Of course, this is just an observational study — meaning it doesn’t prove a causal relationship — and scientists didn’t monitor each subject during the research. It also doesn’t claim that eating chocolate can improve your heart health — just that it may lower your risk of developing heart disease.

But the amount of chocolate consumed in the study is, well, a lot. For comparison’s sake, one Hershey’s milk chocolate bar is 43 grams — meaning you’d have to eat more than two bars a day to reach the upper limits of the beneficial range, per this study — and you’d take in more than 440 calories, 26 grams of fat, and 48 grams of sugar in the process.

That can’t be healthy.

It’s not, says Kate Patton, a registered dietitian at the Cleveland Clinic’s Heart and Vascular Institute.

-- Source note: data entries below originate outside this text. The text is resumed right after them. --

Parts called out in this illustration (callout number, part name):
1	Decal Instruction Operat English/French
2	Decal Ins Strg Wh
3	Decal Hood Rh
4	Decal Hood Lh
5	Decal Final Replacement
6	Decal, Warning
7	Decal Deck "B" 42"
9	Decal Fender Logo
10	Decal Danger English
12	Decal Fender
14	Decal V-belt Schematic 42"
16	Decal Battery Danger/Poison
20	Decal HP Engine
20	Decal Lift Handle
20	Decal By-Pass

“I would not put this in practice or have anybody follow this in any way, shape, or form,” she tells Yahoo Health. “That portion size is way too large — it could cause more harm than benefit.”

Related: Can You Out-Exercise Bad Eating Habits?

Patton points to previous research that has found several links between the added sugar and fat you’d ingest by eating that much chocolate, and negative health repercussions. A large-scale study published in the journal JAMA Internal Medicine last year found a link between eating processed sugar and an increased risk of dying from heart disease, and several studies have found a link between excess dietary fat and the development of Type 2 diabetes.

Of course, chocolate isn’t all bad for you, says registered dietitian Jill Weisenberger, author of The Overworked Person’s Guide to Better Nutrition. You just shouldn’t be eating 100 grams of it a day.

She tells Yahoo Health that the flavonols in certain forms of chocolate are associated with a healthy brain and heart. They may help keep your blood vessels flexible, reduce your blood pressure, and help with overall brain function, but she points out that you only need a small serving of chocolate to do that.

If you love chocolate and want to reap the benefits, Patton recommends having no more than an ounce of it a day (equivalent to two-thirds of a chocolate bar) and looking for a bar that’s 70 percent dark chocolate, as that’s the type that contains the highest amount of flavonols. “With any type of chocolate, the least processed it is, the better,” she says.

Study author Phyo Myint, MD, tells Yahoo Health that the key takeaway from his findings should be that “having chocolate in moderation is OK and may not produce any harmful effect with regard to cardiovascular disease.” However, he also points out that there may be some people who don’t benefit at all from eating chocolate, and that there were a lot of variables of the study that were outside of the researchers’ control (one being that people may have changed their chocolate-eating habits over time, which researchers didn’t measure during their follow-up).

While it would be great to know that eating two bars of chocolate a day can make us healthier, it really is too good to be true.